Learning to Emulate an Expert Projective Cone Scheduler

TL;DR

This paper introduces an online, data-driven algorithm that learns to emulate an expert projective cone scheduler, providing theoretical guarantees on convergence and practical applicability for queueing systems.

Contribution

It presents a novel online algorithm using multiplicative weights to automatically design projective cone schedulers from expert observations, with proven convergence bounds.

Findings

The learned policy's average loss converges to zero at a rate of O(ln(T)√(ln(n)/T)).

The algorithm effectively emulates the expert scheduler in numerical experiments.

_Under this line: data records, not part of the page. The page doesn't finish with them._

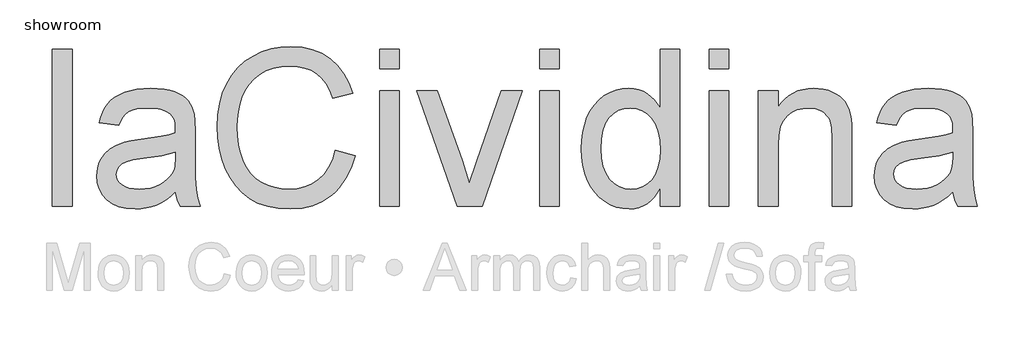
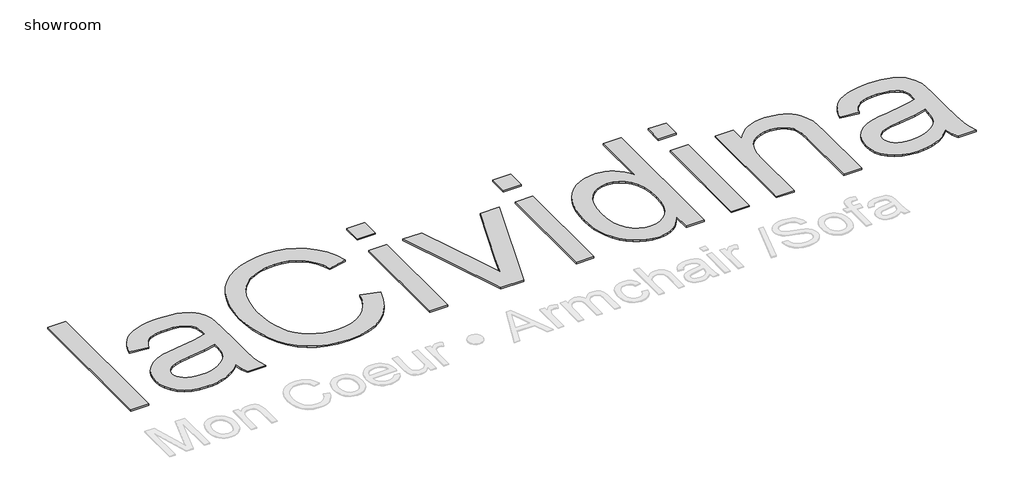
# One storey, part 2 of 2: 1 proxy.
"""IFC4 building model written with IfcOpenShell, lengths in millimetres."""

from ifc_helpers import new_model, si_unit, origin, origin_with_axes, place, context, project, spatial, polyline, outline, extrude, element, save

model = new_model("IFC4")

# Units and contexts
model_context = context("Model", 3, world=origin())
ifc_project = project(units=[si_unit("LENGTHUNIT", "METRE", prefix="MILLI")], contexts=[model_context])

# Site, building, storey
site = spatial("IfcSite", under=ifc_project)
building = spatial("IfcBuilding", under=site)
storey = spatial("IfcBuildingStorey", under=building, Name="showroom", Elevation=0.0)

# Proxy
placement = place(None, origin())
element("IfcBuildingElementProxy", 1, Name="1000mm Arial", ObjectType="1000mm Arial", at=placement, inside=storey, context=model_context, shape_type="SweptSolid", body=[
    extrude(outline(polyline([(-1952.8965336, 4695.1020807), (-1952.8965336, 5699.6651822), (-1827.326146, 5699.6651822), (-1827.326146, 4695.1020807), (-1952.8965336, 4695.1020807)])), origin_with_axes(), (0.0, 0.0, 1.0), 10.0),
    extrude(outline(polyline([(-1168.0816106, 4789.2798714), (-1197.8570596, 4761.3361682), (-1228.0770326, 4737.8377058), (-1258.7415298, 4718.7844841), (-1289.850551, 4704.1765032), (-1321.7566499, 4693.3393128), (-1354.81238, 4685.5984625), (-1389.0177413, 4680.9539523), (-1424.3727339, 4679.4057822), (-1480.283133, 4683.1305874), (-1529.311073, 4694.305003), (-1571.4565541, 4712.929029), (-1606.7195762, 4739.0026654), (-1634.5636447, 4770.8704433), (-1654.4522651, 4806.8768935), (-1666.3854373, 4847.0220163), (-1670.3631613, 4891.3058114), (-1664.3544221, 4943.3611138), (-1656.843498, 4967.5953402), (-1646.3282043, 4990.6339501), (-1618.5224569, 5031.1009696), (-1583.1751285, 5062.7388212), (-1541.6351199, 5086.6511509), (-1495.2513316, 5103.9416046), (-1450.0631599, 5113.5678502), (-1386.6035157, 5122.8262137), (-1258.2126994, 5142.6918415), (-1208.6406006, 5153.9122423), (-1168.8173746, 5165.9910345), (-1168.0816106, 5193.9500661), (-1170.2429173, 5224.3923012), (-1176.7268375, 5249.9907567), (-1187.5333711, 5270.7454326), (-1202.6625181, 5286.6563289), (-1228.8127966, 5302.5365684), (-1260.665246, 5313.8795966), (-1298.2198664, 5320.6854135), (-1341.4766577, 5322.9540191), (-1381.6984225, 5321.4441701), (-1416.27933, 5316.914623), (-1445.2193803, 5309.3653779), (-1468.5185733, 5298.7964348), (-1487.6637655, 5284.3800591), (-1504.1418132, 5265.2885164), (-1517.9527164, 5241.5218066), (-1529.0964752, 5213.0799299), (-1654.6668629, 5228.7762283), (-1645.1095952, 5264.9512912), (-1632.8698547, 5297.4475341), (-1617.9476412, 5326.2649571), (-1600.3429549, 5351.4035601), (-1579.2970391, 5373.3691809), (-1554.0511372, 5392.6676572), (-1524.6052492, 5409.2989891), (-1490.959375, 5423.2631765), (-1453.7956293, 5434.3149647), (-1413.7961265, 5442.2090992), (-1370.9608667, 5446.9455799), (-1325.2898499, 5448.5244068), (-1240.4010795, 5442.9448632), (-1204.5555776, 5435.9704337), (-1173.1093312, 5426.2062324), (-1122.3722727, 5401.0369726), (-1102.8208775, 5386.3140286), (-1087.1475717, 5370.1655418), (-1063.787065, 5331.9977848), (-1048.6425895, 5284.9395463), (-1044.0440646, 5241.5294708), (-1042.5112229, 5175.065457), (-1042.5112229, 5018.8382364), (-1040.9170676, 4882.752555), (-1036.1346017, 4800.6842133), (-1026.6922971, 4746.7588442), (-1011.118626, 4695.1020807), (-1136.6890137, 4695.1020807), (-1156.7998961, 4738.7574108), (-1168.0816106, 4789.2798714)]), holes=[polyline([(-1168.0816106, 5040.4206468), (-1252.4492148, 5019.5126868), (-1370.6619626, 5001.9156646), (-1435.8077326, 4992.2894191), (-1478.6966419, 4981.5595276), (-1506.8089577, 4967.6413254), (-1527.6249472, 4948.450148), (-1540.500817, 4925.4575233), (-1544.7927737, 4900.1349793), (-1542.4551901, 4880.6219052), (-1535.4424396, 4862.7949568), (-1523.7545221, 4846.6541343), (-1507.3914375, 4832.1994375), (-1486.50647, 4820.2892579), (-1461.2529039, 4811.7819868), (-1431.6307391, 4806.6776241), (-1397.6399756, 4804.9761699), (-1362.9364407, 4806.8539009), (-1330.1949431, 4812.487094), (-1299.4154829, 4821.8757491), (-1270.5980599, 4835.0198662), (-1244.6010656, 4850.8311278), (-1222.2828912, 4868.2212162), (-1203.6435368, 4887.1901316), (-1188.6830023, 4907.7378739), (-1179.9917902, 4926.1319736), (-1173.7837815, 4948.450148), (-1168.8173746, 5004.8587206), (-1168.0816106, 5040.4206468)])]), origin_with_axes(), (0.0, 0.0, 1.0), 10.0),
    extrude(outline(polyline([(-147.8222106, 5052.1928707), (-22.2518229, 5019.8192551), (-47.099186, 4941.7286374), (-80.1932372, 4873.4941915), (-121.5339764, 4815.1159174), (-145.296854, 4789.6228448), (-171.1214037, 4766.5938151), (-227.8365446, 4728.4490507), (-290.5604248, 4701.2027904), (-359.2930442, 4684.8550343), (-434.0344029, 4679.4057822), (-510.6075073, 4683.5291262), (-579.6850161, 4695.8991583), (-641.2669293, 4716.5158785), (-695.3532468, 4745.3792867), (-742.6873968, 4782.0601873), (-784.0128076, 4826.1293846), (-819.3294792, 4877.5868787), (-848.6374114, 4936.4326695), (-871.6530288, 5000.1222399), (-888.0927554, 5066.1110728), (-897.9565914, 5134.3991682), (-901.2445368, 5204.986526), (-897.5273958, 5280.7242317), (-886.3759728, 5351.4648737), (-867.7902678, 5417.208452), (-841.7702809, 5477.9549664), (-808.8984918, 5532.7004058), (-769.7573803, 5580.4407589), (-724.3469465, 5621.1760257), (-672.6671904, 5654.9062061), (-616.4732157, 5681.3553887), (-557.5201259, 5700.247662), (-495.8079212, 5711.583026), (-431.3366016, 5715.3614806), (-359.5153062, 5710.4717158), (-293.6567649, 5695.8024212), (-233.7609776, 5671.353597), (-179.8279442, 5637.125243), (-132.746713, 5594.0217359), (-93.4063322, 5542.9474522), (-61.8068016, 5483.902392), (-37.9481214, 5416.8865552), (-163.5185091, 5386.9654863), (-183.2921663, 5436.3459799), (-207.0512119, 5478.5374462), (-234.7956457, 5513.5398852), (-266.5254677, 5541.3532969), (-302.4246191, 5562.5448327), (-342.6770407, 5577.6816439), (-387.2827327, 5586.7637307), (-436.2416949, 5589.7910929), (-492.5736254, 5586.4341697), (-544.0924331, 5576.3634001), (-590.7981181, 5559.5787841), (-632.6906803, 5536.0803216), (-669.2412893, 5506.9256735), (-699.9211149, 5473.1725005), (-724.7301569, 5434.8208025), (-743.6684155, 5391.8705795), (-757.6709239, 5346.2685406), (-767.6727157, 5299.9613944), (-773.6737907, 5252.9491411), (-775.6741491, 5205.2317807), (-773.3059087, 5145.2670154), (-766.2011877, 5089.2263248), (-754.359986, 5037.1097089), (-737.7823036, 4988.9171675), (-716.1998932, 4945.6067268), (-689.3445075, 4908.1364127), (-657.2161466, 4876.5062253), (-619.8148104, 4850.7161646), (-578.9569164, 4830.7049169), (-536.4588817, 4816.4111686), (-492.3207065, 4807.8349196), (-446.5423907, 4804.9761699), (-391.9502355, 4808.8695877), (-341.7266789, 4820.549841), (-295.8717211, 4840.0169299), (-254.3853619, 4867.2708544), (-218.2486201, 4902.1889871), (-188.4425143, 4944.6487007), (-164.9670445, 4994.6499952), (-147.8222106, 5052.1928707)])), origin_with_axes(), (0.0, 0.0, 1.0), 10.0),
    extrude(outline(polyline([(134.7111617, 4695.1020807), (134.7111617, 5432.8281083), (260.2815493, 5432.8281083), (260.2815493, 4695.1020807), (134.7111617, 4695.1020807)])), origin_with_axes(), (0.0, 0.0, 1.0), 10.0),
    extrude(outline(polyline([(134.7111617, 5574.0947945), (134.7111617, 5699.6651822), (260.2815493, 5699.6651822), (260.2815493, 5574.0947945), (134.7111617, 5574.0947945)])), origin_with_axes(), (0.0, 0.0, 1.0), 10.0),
    extrude(outline(polyline([(629.6350725, 4695.1020807), (370.1556386, 5432.8281083), (503.0836662, 5432.8281083), (660.2919054, 4990.8792048), (707.6260555, 4842.2548787), (753.9791869, 4982.5405462), (912.1684448, 5432.8281083), (1045.0964724, 5432.8281083), (788.8053491, 4695.1020807), (629.6350725, 4695.1020807)])), origin_with_axes(), (0.0, 0.0, 1.0), 10.0),
    extrude(outline(polyline([(1154.9705616, 4695.1020807), (1154.9705616, 5432.8281083), (1280.5409493, 5432.8281083), (1280.5409493, 4695.1020807), (1154.9705616, 4695.1020807)])), origin_with_axes(), (0.0, 0.0, 1.0), 10.0),
    extrude(outline(polyline([(1154.9705616, 5574.0947945), (1154.9705616, 5699.6651822), (1280.5409493, 5699.6651822), (1280.5409493, 5574.0947945), (1154.9705616, 5574.0947945)])), origin_with_axes(), (0.0, 0.0, 1.0), 10.0),
    extrude(outline(polyline([(1924.0891862, 4695.1020807), (1924.0891862, 4813.5600831), (1906.2967268, 4782.1176688), (1886.5192374, 4754.8675765), (1864.7567182, 4731.809806), (1841.009169, 4712.9443574), (1815.2765898, 4698.2712308), (1787.5589807, 4687.790426), (1757.8563417, 4681.5019432), (1726.1686728, 4679.4057822), (1684.7206347, 4682.4408087), (1644.9893792, 4691.5458881), (1606.9749064, 4706.7210204), (1570.6772162, 4727.9662056), (1537.2306114, 4754.6453144), (1507.769395, 4786.1222176), (1482.2935668, 4822.3969152), (1460.8031269, 4863.4694071), (1443.7425994, 4908.5579442), (1431.5565083, 4956.8807771), (1424.2448537, 5008.4379059), (1421.8076355, 5063.2293305), (1424.0532485, 5117.0167439), (1430.7900875, 5168.2596401), (1442.0181526, 5216.9580192), (1457.7374436, 5263.1118812), (1477.9402965, 5305.3723254), (1502.6190471, 5342.3904512), (1531.7736952, 5374.1662585), (1565.4042409, 5400.6997474), (1602.322732, 5421.6230359), (1641.3412161, 5436.568242), (1682.4596932, 5445.5353656), (1725.6781635, 5448.5244068), (1757.2853582, 5446.3860927), (1787.1144567, 5439.9711504), (1815.1654588, 5429.2795799), (1841.4383646, 5414.3113812), (1865.6419342, 5395.9249457), (1887.4849277, 5374.9786646), (1906.967345, 5351.4725379), (1924.0891862, 5325.4065657), (1924.0891862, 5699.6651822), (2049.6595739, 5699.6651822), (2049.6595739, 4695.1020807), (1924.0891862, 4695.1020807)]), holes=[polyline([(1547.3780231, 5063.7198398), (1550.9188873, 5002.8277054), (1561.54148, 4950.1362738), (1579.245801, 4905.645545), (1604.0318504, 4869.3555191), (1633.6310226, 4841.1895538), (1665.7747119, 4821.0710072), (1700.4629184, 4808.9998792), (1737.695642, 4804.9761699), (1775.1046424, 4808.8159382), (1809.5859152, 4820.3352432), (1841.1394605, 4839.5340848), (1869.7652782, 4866.4124631), (1893.531988, 4901.1849758), (1910.5082092, 4944.0662209), (1920.693942, 4995.0561983), (1924.0891862, 5054.154908), (1920.6326283, 5118.9481244), (1910.2629545, 5174.5136341), (1892.980165, 5220.851437), (1868.7842596, 5257.9615333), (1839.5299768, 5286.3957458), (1807.0720549, 5306.7058977), (1771.410494, 5318.8919887), (1732.545294, 5322.9540191), (1694.5768065, 5319.0529371), (1659.8886, 5307.3496911), (1628.4806747, 5287.8442812), (1600.3530304, 5260.5367073), (1577.1764647, 5224.8291611), (1560.621775, 5180.1238345), (1550.6889611, 5126.4207274), (1547.3780231, 5063.7198398)])]), origin_with_axes(), (0.0, 0.0, 1.0), 10.0),
    extrude(outline(polyline([(2238.0151554, 4695.1020807), (2238.0151554, 5432.8281083), (2363.5855431, 5432.8281083), (2363.5855431, 4695.1020807), (2238.0151554, 4695.1020807)])), origin_with_axes(), (0.0, 0.0, 1.0), 10.0),
    extrude(outline(polyline([(2238.0151554, 5574.0947945), (2238.0151554, 5699.6651822), (2363.5855431, 5699.6651822), (2363.5855431, 5574.0947945), (2238.0151554, 5574.0947945)])), origin_with_axes(), (0.0, 0.0, 1.0), 10.0),
    extrude(outline(polyline([(2551.9411246, 4695.1020807), (2551.9411246, 5432.8281083), (2677.5115123, 5432.8281083), (2677.5115123, 5329.8211497), (2698.2278672, 5357.6422256), (2721.1361856, 5381.7538247), (2746.2364675, 5402.155947), (2773.5287131, 5418.8485925), (2803.0129221, 5431.8317613), (2834.6890948, 5441.1054532), (2868.5572309, 5446.6696684), (2904.6173307, 5448.5244068), (2966.5134764, 5442.5463244), (2995.5071761, 5435.0737213), (3023.1979605, 5424.6120771), (3048.5358329, 5411.7208789), (3070.4707968, 5396.9596138), (3089.0028523, 5380.3282819), (3104.1319994, 5361.8268833), (3126.9713399, 5319.305856), (3141.7785902, 5269.4885025), (3146.7449972, 5221.8477841), (3148.4004661, 5148.0874441), (3148.4004661, 4695.1020807), (3022.8300785, 4695.1020807), (3022.8300785, 5131.1648723), (3019.2125722, 5196.0960444), (3008.3600533, 5242.2652348), (2999.7378191, 5259.7319654), (2988.3411414, 5275.3439576), (2974.1700204, 5289.1012113), (2957.224456, 5301.0037267), (2917.3399163, 5317.466446), (2871.0174418, 5322.9540191), (2832.8880058, 5319.8730074), (2797.4716996, 5310.6299723), (2764.7685231, 5295.2249137), (2734.7784762, 5273.6578318), (2709.7241795, 5243.4761797), (2691.8282533, 5202.227411), (2681.0906976, 5149.9115256), (2677.5115123, 5086.5285235), (2677.5115123, 4695.1020807), (2551.9411246, 4695.1020807)])), origin_with_axes(), (0.0, 0.0, 1.0), 10.0),
    extrude(outline(polyline([(3791.948703, 4789.2798714), (3762.1732541, 4761.3361682), (3731.953281, 4737.8377058), (3701.2887839, 4718.7844841), (3670.1797626, 4704.1765032), (3638.2736638, 4693.3393128), (3605.2179337, 4685.5984625), (3571.0125723, 4680.9539523), (3535.6575797, 4679.4057822), (3479.7471807, 4683.1305874), (3430.7192406, 4694.305003), (3388.5737595, 4712.929029), (3353.3107375, 4739.0026654), (3325.466669, 4770.8704433), (3305.5780486, 4806.8768935), (3293.6448764, 4847.0220163), (3289.6671523, 4891.3058114), (3295.6758915, 4943.3611138), (3303.1868156, 4967.5953402), (3313.7021093, 4990.6339501), (3341.5078568, 5031.1009696), (3376.8551852, 5062.7388212), (3418.3951938, 5086.6511509), (3464.778982, 5103.9416046), (3509.9671537, 5113.5678502), (3573.4267979, 5122.8262137), (3701.8176142, 5142.6918415), (3751.3897131, 5153.9122423), (3791.2129391, 5165.9910345), (3791.948703, 5193.9500661), (3789.7873963, 5224.3923012), (3783.3034762, 5249.9907567), (3772.4969425, 5270.7454326), (3757.3677955, 5286.6563289), (3731.217517, 5302.5365684), (3699.3650676, 5313.8795966), (3661.8104472, 5320.6854135), (3618.553656, 5322.9540191), (3578.3318912, 5321.4441701), (3543.7509836, 5316.914623), (3514.8109333, 5309.3653779), (3491.5117403, 5298.7964348), (3472.3665481, 5284.3800591), (3455.8885004, 5265.2885164), (3442.0775972, 5241.5218066), (3430.9338384, 5213.0799299), (3305.3634508, 5228.7762283), (3314.9207184, 5264.9512912), (3327.160459, 5297.4475341), (3342.0826724, 5326.2649571), (3359.6873587, 5351.4035601), (3380.7332745, 5373.3691809), (3405.9791764, 5392.6676572), (3435.4250645, 5409.2989891), (3469.0709386, 5423.2631765), (3506.2346843, 5434.3149647), (3546.2341871, 5442.2090992), (3589.0694469, 5446.9455799), (3634.7404638, 5448.5244068), (3719.6292342, 5442.9448632), (3755.4747361, 5435.9704337), (3786.9209824, 5426.2062324), (3837.6580409, 5401.0369726), (3857.2094361, 5386.3140286), (3872.882742, 5370.1655418), (3896.2432487, 5331.9977848), (3911.3877241, 5284.9395463), (3915.9862491, 5241.5294708), (3917.5190907, 5175.065457), (3917.5190907, 5018.8382364), (3919.113246, 4882.752555), (3923.895712, 4800.6842133), (3933.3380165, 4746.7588442), (3948.9116877, 4695.1020807), (3823.3413, 4695.1020807), (3803.2304176, 4738.7574108), (3791.948703, 4789.2798714)]), holes=[polyline([(3791.948703, 5040.4206468), (3707.5810988, 5019.5126868), (3589.368351, 5001.9156646), (3524.2225811, 4992.2894191), (3481.3336718, 4981.5595276), (3453.221356, 4967.6413254), (3432.4053664, 4948.450148), (3419.5294966, 4925.4575233), (3415.23754, 4900.1349793), (3417.5751235, 4880.6219052), (3424.587874, 4862.7949568), (3436.2757916, 4846.6541343), (3452.6388762, 4832.1994375), (3473.5238436, 4820.2892579), (3498.7774097, 4811.7819868), (3528.3995745, 4806.6776241), (3562.3903381, 4804.9761699), (3597.0938729, 4806.8539009), (3629.8353705, 4812.487094), (3660.6148308, 4821.8757491), (3689.4322537, 4835.0198662), (3715.429248, 4850.8311278), (3737.7474224, 4868.2212162), (3756.3867768, 4887.1901316), (3771.3473113, 4907.7378739), (3780.0385234, 4926.1319736), (3786.2465321, 4948.450148), (3791.2129391, 5004.8587206), (3791.948703, 5040.4206468)])]), origin_with_axes(), (0.0, 0.0, 1.0), 10.0),
])

save(model, "model.ifc")

It can incorporate additional data to refine the scheduling policy over time.

Abstract

Projective cone scheduling defines a large class of rate-stabilizing policies for queueing models relevant to several applications. While there exists considerable theory on the properties of projective cone schedulers, there is little practical guidance on choosing the parameters that define them. In this paper, we propose an algorithm for designing an automated projective cone scheduling system based on observations of an expert projective cone scheduler. We show that the estimated scheduling policy is able to emulate the expert in the sense that the average loss realized by the learned policy will converge to zero. Specifically, for a system with $n$ queues observed over a time horizon $T$, the average loss for the algorithm is $O(\ln(T)\sqrt{\ln(n)/T})$. This upper bound holds regardless of the statistical characteristics of the system. The algorithm uses the multiplicative weights update method and can be applied online so that additional observations of the expert scheduler can be used to improve an existing estimate of the policy. This provides a data-driven method for designing a scheduling policy based on observations of a human expert. We demonstrate the efficacy of the algorithm with a simple numerical example and discuss several extensions.